» **TASK DIRECTIONS**
In the answer, each line must appear exactly as in the records, and no picture may appear.

» **Data extracted from a collection**

====

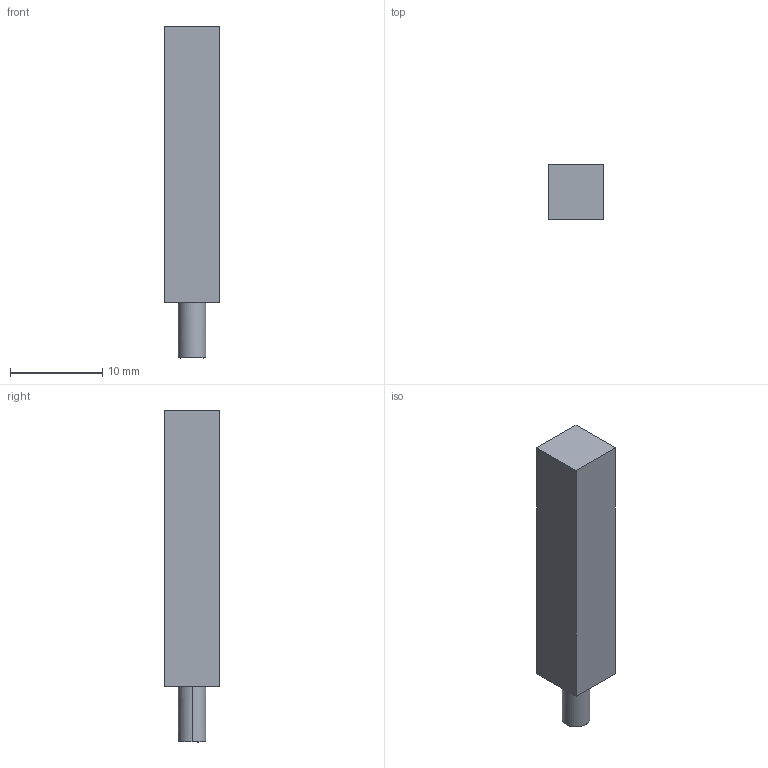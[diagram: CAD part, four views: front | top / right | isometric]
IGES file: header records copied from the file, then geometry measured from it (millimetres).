
Start section: Comment
Global section: file name: IFFM 06xxxA1_O1L.igs; native system:  By Spatial Corp.; preprocessor: XPlus GENERIC/IGES 3.0; author: Author; organization: Title; date: 20060328.134110; units: inch
Bounding box: 6 x 6 x 36 mm (x, y, z)
Surface area: 855.8 mm2 (no closed solid volume)
Topology: 0 solids, 0 shells, 20 faces, 80 edges, 80 vertices
Faces by surface type: bspline 20

====

» **SOLUTION TO THE PROBLEM**
[diagram: CAD part, four views: front | top / right | isometric]
IGES file: header records copied from the file, then geometry measured from it (millimetres).
Start section: Comment
Global section: file name: IFFM 06xxxA1_O1L.igs; native system:  By Spatial Corp.; preprocessor: XPlus GENERIC/IGES 3.0; author: Author; organization: Title; date: 20060328.134110; units: inch
Bounding box: 6 x 6 x 36 mm (x, y, z)
Surface area: 855.8 mm2 (no closed solid volume)
Topology: 0 solids, 0 shells, 20 faces, 80 edges, 80 vertices
Faces by surface type: bspline 20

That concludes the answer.